ColNetraEmbed is a multilingual multimodal embedding model that encodes documents as multi-vector representations using the ColPali architecture. Each image patch is mapped to a contextualized embedding, enabling fine-grained matching between visual content and text queries through late interaction (MaxSim).

- **Model Type:** Multilingual Multimodal Embedding Model with ColPali-style Multi-vector representations
- **Architecture:** ColPali with Gemma3-2B backbone
- **Embedding Dimension:** 128 per token
- **Capabilities:** Multilingual, Multimodal (Vision + Text), Multi-vector late interaction
- **Use Case:** Visual document retrieval, multilingual document understanding, fine-grained visual search

## Paper

📄 **[M3DR: Towards Universal Multilingual Multimodal Document Retrieval](https://arxiv.org/abs/2512.03514)**

## Installation

```bash
pip install git+https://github.com/adithya-s-k/colpali.git
```

## Quick Start

```python
import torch
from PIL import Image
from colpali_engine.models import ColGemma3, ColGemmaProcessor3

# Load model and processor
model_name = "Cognitive-Lab/ColNetraEmbed"
model = ColGemma3.from_pretrained(
    model_name,
    dtype=torch.bfloat16,
    device_map="cuda",
)
processor = ColGemmaProcessor3.from_pretrained(model_name)

# Load your images
images = [
    Image.open("document1.jpg"),
    Image.open("document2.jpg"),
]

# Define queries
queries = [
    "What is the total revenue?",
    "Show me the organizational chart",
]

# Process and encode
batch_images = processor.process_images(images).to(model.device)
batch_queries = processor.process_queries(queries).to(model.device)

with torch.no_grad():
    image_embeddings = model(**batch_images)  # Shape: (num_images, num_patches, 128)
    query_embeddings = model(**batch_queries)  # Shape: (num_queries, num_tokens, 128)

# Compute similarity scores using MaxSim
scores = processor.score_multi_vector(
    qs=query_embeddings,
    ps=image_embeddings,
)  # Shape: (num_queries, num_images)

# Get best matches
for i, query in enumerate(queries):
    best_idx = scores[i].argmax().item()
    print(f"Query: '{query}' -> Best match: Image {best_idx + 1} (score: {scores[i, best_idx]:.2f})")
```

## Use Cases

- **Document Retrieval:** Search through large collections of visual documents
- **Visual Question Answering:** Answer questions about document content
- **Document Understanding:** Extract and match information from scanned documents
- **Cross-lingual Document Search:** Multilingual visual document retrieval

## Model Details

- **Base Model:** Gemma3-2B
- **Vision Encoder:** SigLIP
- **Training Data:** Multilingual document datasets
- **Embedding Strategy:** Multi-vector (Late Interaction)
- **Similarity Function:** MaxSim (Maximum Similarity)

## Performance

ColNetraEmbed achieves state-of-the-art results on visual document retrieval benchmarks.

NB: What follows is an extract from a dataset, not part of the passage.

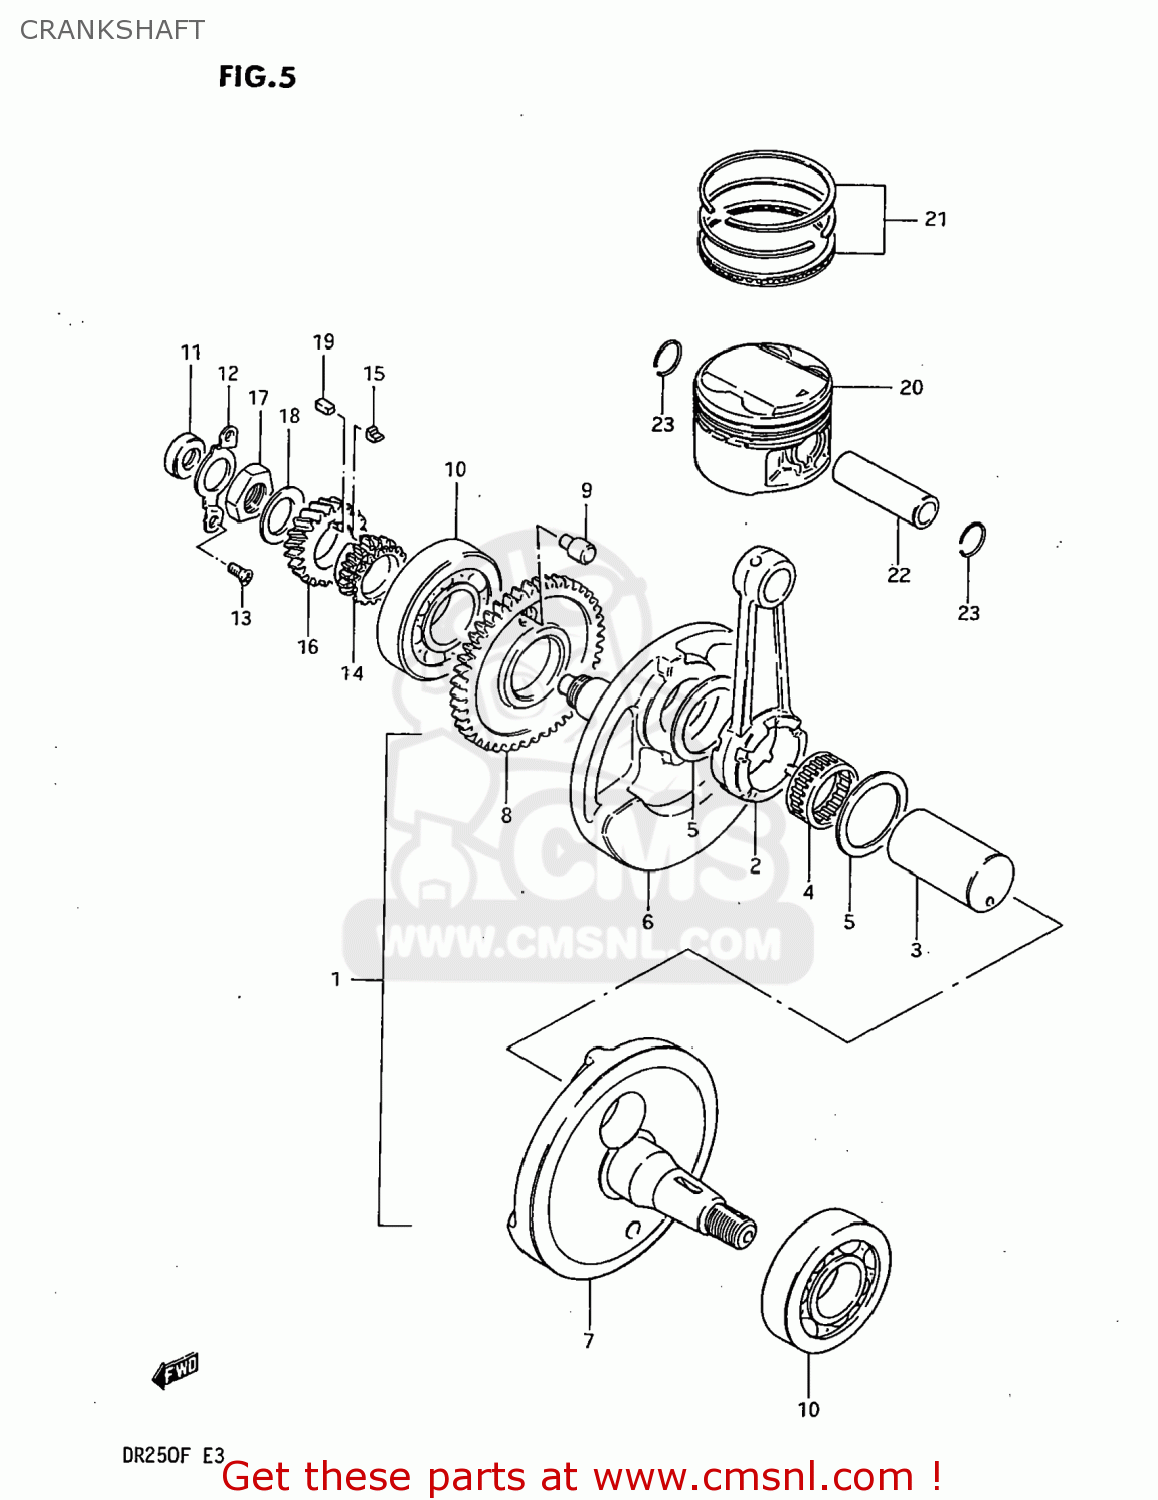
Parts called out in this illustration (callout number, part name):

See our [paper](https://arxiv.org/abs/2512.03514) for detailed evaluation metrics.

## Citation

```bibtex
@misc{kolavi2025m3druniversalmultilingualmultimodal,
  title={M3DR: Towards Universal Multilingual Multimodal Document Retrieval}, 
  author={Adithya S Kolavi and Vyoman Jain},
  year={2025},
  eprint={2512.03514},
  archivePrefix={arXiv},
  primaryClass={cs.IR},
  url={https://arxiv.org/abs/2512.03514}
}
```

## License

This model is released under the same license as the base Gemma3 model.

## Acknowledgments

Built on top of the ColPali framework and Gemma3 architecture.